What is being asked →
Check each line of the data for the string "records". Report how many have it, and give nothing else.

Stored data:
*** Begin section ***
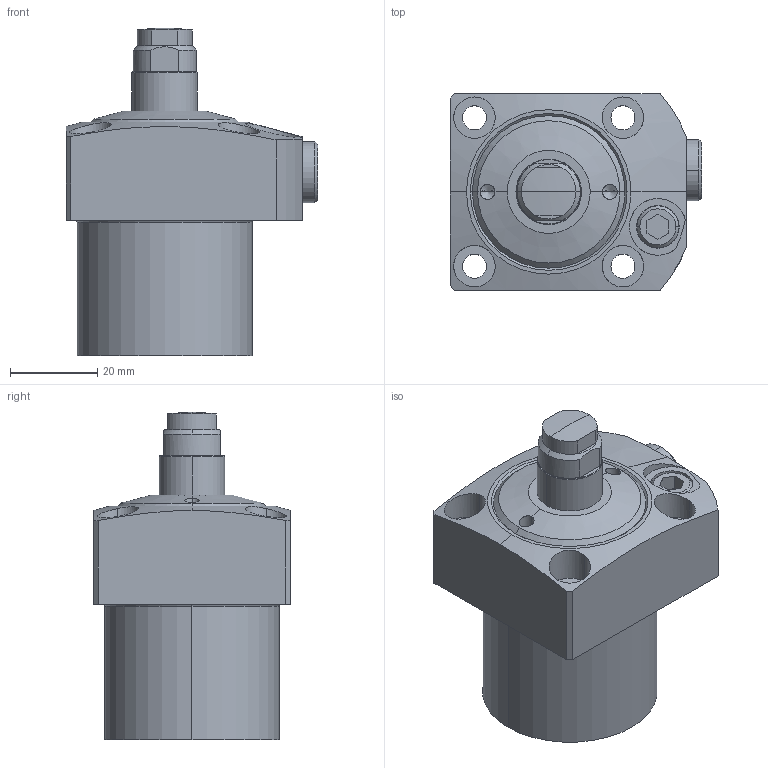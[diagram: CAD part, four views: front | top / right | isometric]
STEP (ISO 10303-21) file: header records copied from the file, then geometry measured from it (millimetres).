
FILE_DESCRIPTION(/* description */ (''),/* implementation_level */ '2;1');
FILE_NAME(/* name */ 'KFSS40.stp',/* time_stamp */ '2022-11-17T07:28:09+08:00',/* author */ (''),/* organization */ (''),/* preprocessor_version */ 'ST-DEVELOPER v16.7',/* originating_system */ 'SIEMENS PLM Software NX 12.0',/* authorisation */ '');
FILE_SCHEMA (('AP203_CONFIGURATION_CONTROLLED_3D_DESIGN_OF_MECHANICAL_PARTS_AND_ASSEMBLIES_MIM_LF { 1 0 10303 403 2 1 2}'));
Length unit declared in the file: millimetre
Products named in the file (5): KFSS40-01; KFSS40-04; KFSS40-03; KFSS40-02; LC0402-Cx-E_step
Assembly tree (4 placements, depth 2):
  LC0402-Cx-E_step
    KFSS40-02
    KFSS40-03
    KFSS40-04
    KFSS40-01
Bounding box: 57.5 x 45 x 75 mm (x, y, z)
Volume: 90883.3 mm3; surface area: 16916.3 mm2
Topology: 4 solids, 4 shells, 120 faces, 269 edges, 168 vertices
Faces by surface type: cylinder 46, plane 46, cone 24, sphere 2, torus 2
Entity records: 4089 total; most frequent: CARTESIAN_POINT 802, DIRECTION 605, ORIENTED_EDGE 530, EDGE_CURVE 265, AXIS2_PLACEMENT_3D 239, VERTEX_POINT 168, EDGE_LOOP 143, LINE 127
*** End section ***
Reply →
2